This week was an interesting one for me, to say the least. I had started off earlier this week, thinking I knew exactly what I was going to talk to you guys about; however, God had other plans for me.
This week was the first week for the Bible study with my family (Shout out to the Harrell Girls!) and the first week I’ve really began to understand how important it is to really grab a hold of God and to not let go. As you know, whenever God’s children try to make efforts to expand the kingdom, Satan gets busy trying to hinder it any way he can.

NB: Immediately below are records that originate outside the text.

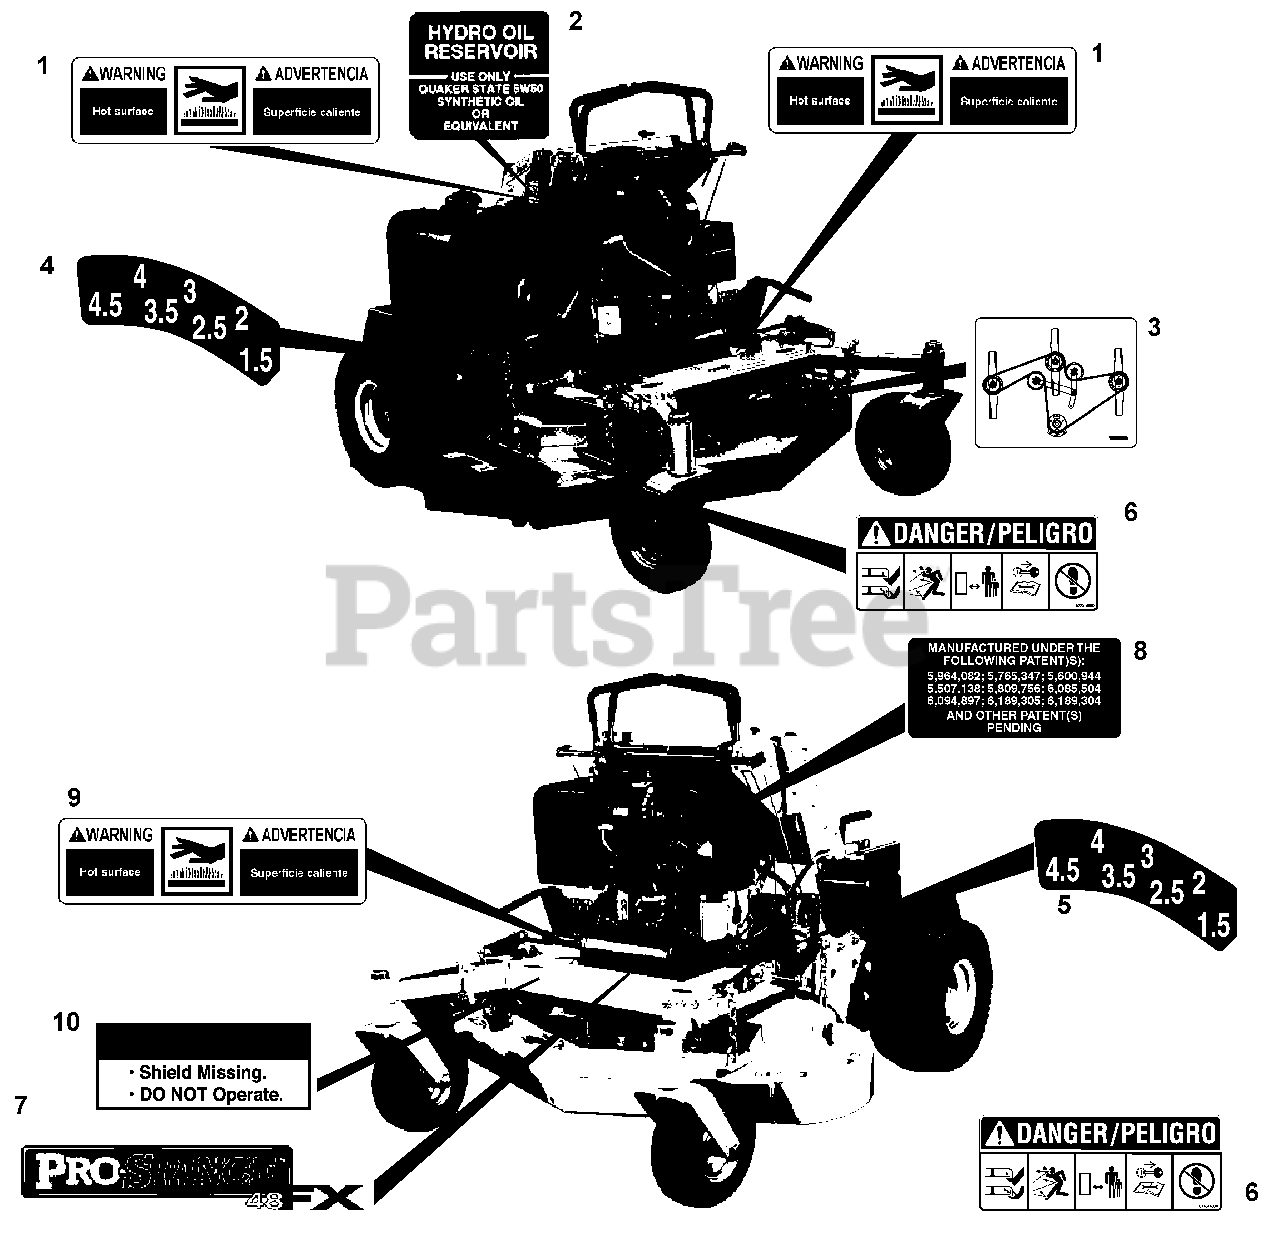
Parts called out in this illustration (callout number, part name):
1	Decal, Warning, Hot Surface (994100)
2	Decal, Hydro Oil Specs
3	Decal, Belt Path
4	Decal, Cut Height RH
5	Decal, Cut Height, LH
6	Decal, Mower Fan Danger
7	Decal, Pro-Stance 1948FX (994100)
8	Decal, Patent
9	Decal, Warning
10	Decal, Warning, Shield
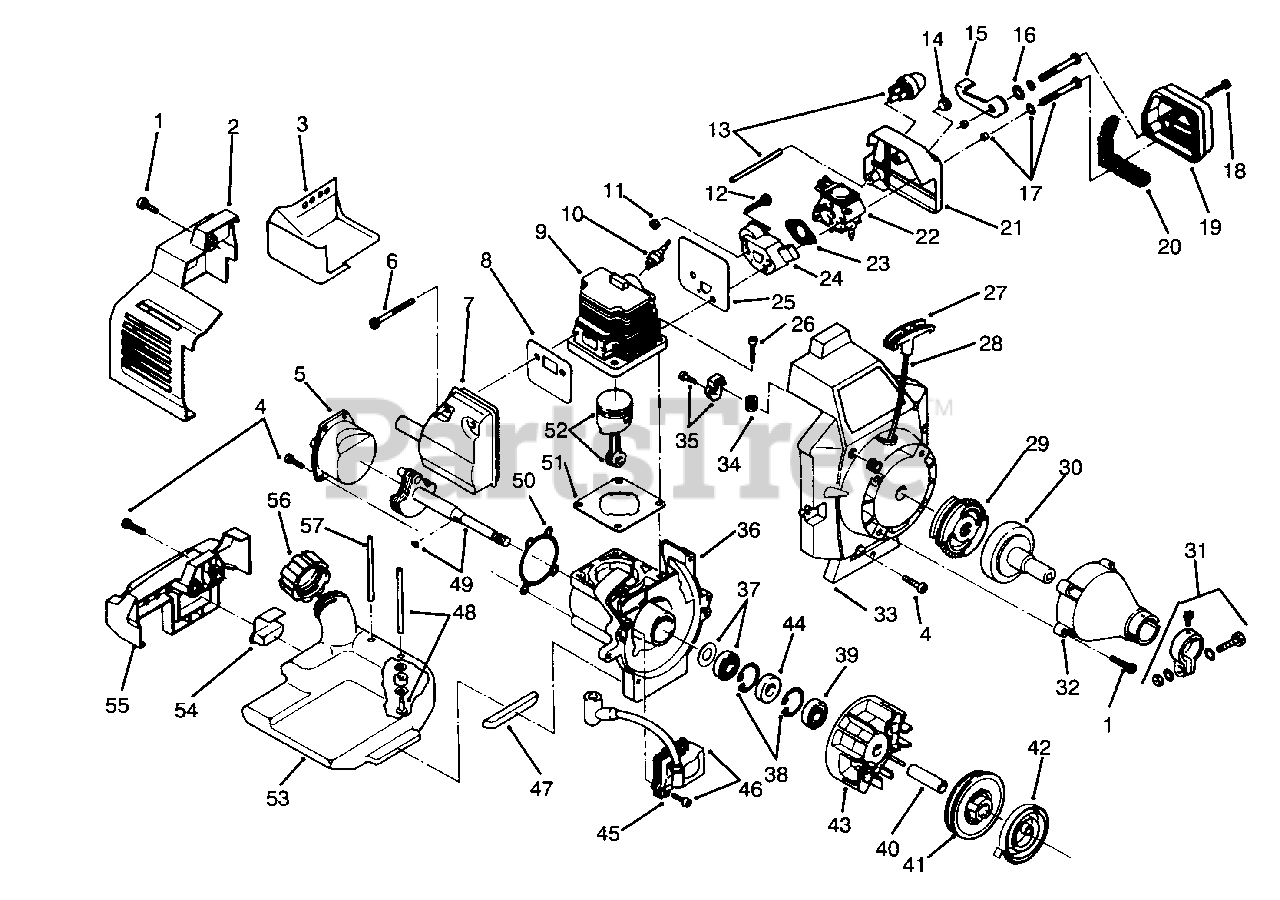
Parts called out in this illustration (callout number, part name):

This week I dealt with a lot of mental and emotional anguish. Anybody who knows me understands that I’m a thinker; something is constantly on my mind. And I think Satan knows this too, which is why that is always the first thing he tries to come for. I was getting better at blocking it, but it was a real struggle this time! I began to think about my life, mistakes I made in the past, and things I still need help with. It was as if my mind starting telling me that I was worthless, not good enough, and a lost cause. You may think I’m joking, but these are seriously some of the things I had going through my head. These thoughts altered my emotions and how I interacted with other people; they began to take me over.
After much prayer, more thinking, and venting to a friend, I realized: I need to check myself! I apparently forgot who I am, and I don’t mean “My name is Jessica and I’m a college student…blah, blah, blah,” I mean who I am in Christ: I am a child of the King…..THE King (1 Peter 2:9), I am His special creation (Ephesians 2:10), and He knows me well (Psalm 139:1-4). I could go on and on about what God says, but I’ll leave it at those few examples ha. 🙂
When I learned to accept those things and understand that God loves me and wants a relationship with me, I finally understood that, without Him, nothing else matters. Just like my favorite verse, Isaiah 40:8, says, “The grass withers, the flower fades, but the word of our God will stand forever.” No matter what anybody says about me, I know who I am in God, and His word never fails.
With all that being said, I decided yesterday to recommit myself to Christ. I am determined to get this thing right and see it through. I am determined to take my rightful place in the body of Christ! Who’s with me?!